Hitler’in de dâhil olduğu akımın uzun süre önemsiz olduğu ve ancak 1929 Büyük Depresyonu sonrası vitrine çıktığı iddiasını kelimesi kelimesine değil siyasal güç ve oy sayıları açısından doğru bulmak gerekiyor. Birkaç sene önce de ideoloji, kültür, zamanın ruhu açılarından Dawes Planı ve Almanya’nın savaş tazminatlarının hafifletilerek hiperenflasyonun söndürülüşüne kadar “yeni-milliyetçilik” son derece etkiliydi. Etkiliydi çünkü Jungkonservatismus klasik muhafazakârlar yani Altkonservativen üzerinde de etkiliydi.
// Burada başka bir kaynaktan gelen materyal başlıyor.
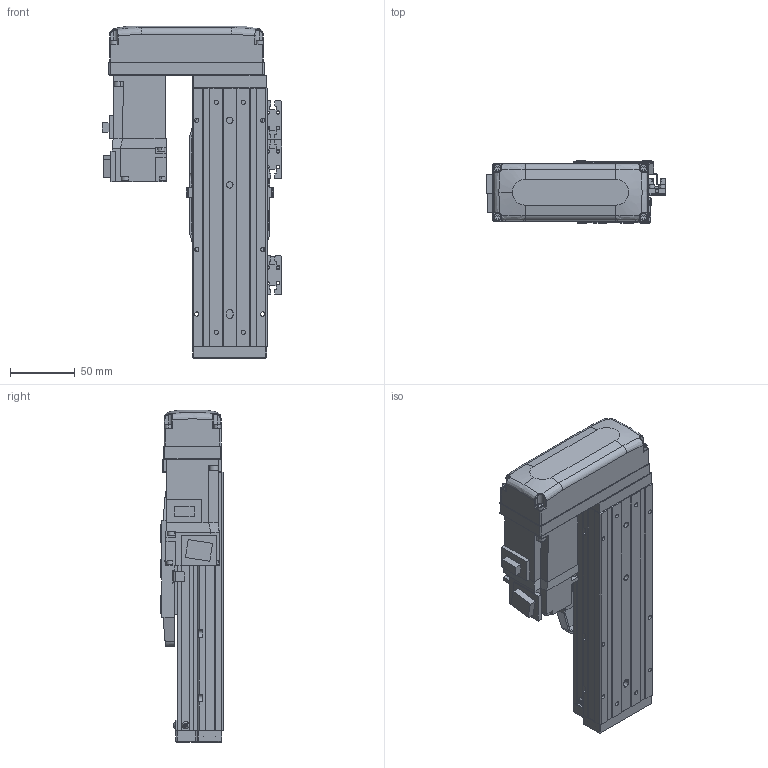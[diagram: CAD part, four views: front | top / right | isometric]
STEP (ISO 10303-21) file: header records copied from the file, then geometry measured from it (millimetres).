
FILE_DESCRIPTION (( 'STEP AP203' ), '1' );
FILE_NAME ('CTHA50-50-BR-M10-C4L.step', '2022-03-19T06:07:19', ( '微软用户' ), ( '微软中国' ), 'SwSTEP 2.0', 'SolidWorks 2020', '' );
FILE_SCHEMA (( 'CONFIG_CONTROL_DESIGN' ));
Length unit declared in the file: millimetre
Products named in the file (20): GBT77-2000 M3×3; CTHA50-002; CTHA50-50-BR-M10-C4L; GBT 70.1-M3℅6; CTHA50-030; KTHA50-001_200; CTHA60-017; CTHA50-031; KTHA50-004; GBT 70.1-M4×12; GBT 70.3-M3℅6; KTHA50-005; CTHA60-016; CTHA50-015-2_CTHA60-015-2; GB¨uT 70.2-M3¡Á6_M3¡Á6; CTHA60-021; CTHA60-033; EE_SX911P_R; HG-KR13（三菱）; GBT 70.1-M3×15
Assembly tree (60 placements, depth 2):
  CTHA50-50-BR-M10-C4L
    KTHA50-001_200
    KTHA50-004
    KTHA50-005
    GB¨uT 70.2-M3¡Á6_M3¡Á6  x10
    EE_SX911P_R  x3
    GBT77-2000 M3×3  x6
    GBT 70.1-M3℅6  x6
    CTHA60-017  x3
    GBT 70.1-M4×12  x10
    CTHA60-016  x2
    CTHA60-021  x2
    HG-KR13（三菱）
    CTHA50-002
    CTHA50-030  x2
    CTHA50-031
    GBT 70.3-M3℅6  x4
    CTHA50-015-2_CTHA60-015-2
    CTHA60-033
    GBT 70.1-M3×15  x4
Bounding box: 139.12 x 48 x 257 mm (x, y, z)
Volume: 727120.3 mm3; surface area: 194214.7 mm2
Topology: 62 solids, 62 shells, 2453 faces, 5799 edges, 3546 vertices
Faces by surface type: plane 1386, cylinder 564, cone 345, torus 108, bspline 26, sphere 24
Entity records: 40747 total; most frequent: CARTESIAN_POINT 7547, DIRECTION 6315, ORIENTED_EDGE 6106, EDGE_CURVE 3053, LINE 2127, VECTOR 2127, AXIS2_PLACEMENT_3D 2094, VERTEX_POINT 1920

Almanya’da devlet her zaman muhafazakârların elindeydi ve Weimar dönemi boyunca dahi bu hep böyle oldu. KPD’nin yenilgisine giden süreç sadece ‘ultra-sol “sınıfa karşı sınıf” stratejisi yanlıştı’ basitliğinde ele alınamaz gibi görünüyor. Belki de bu hakikaten bir “Alman kaderiydi” (Niekisch).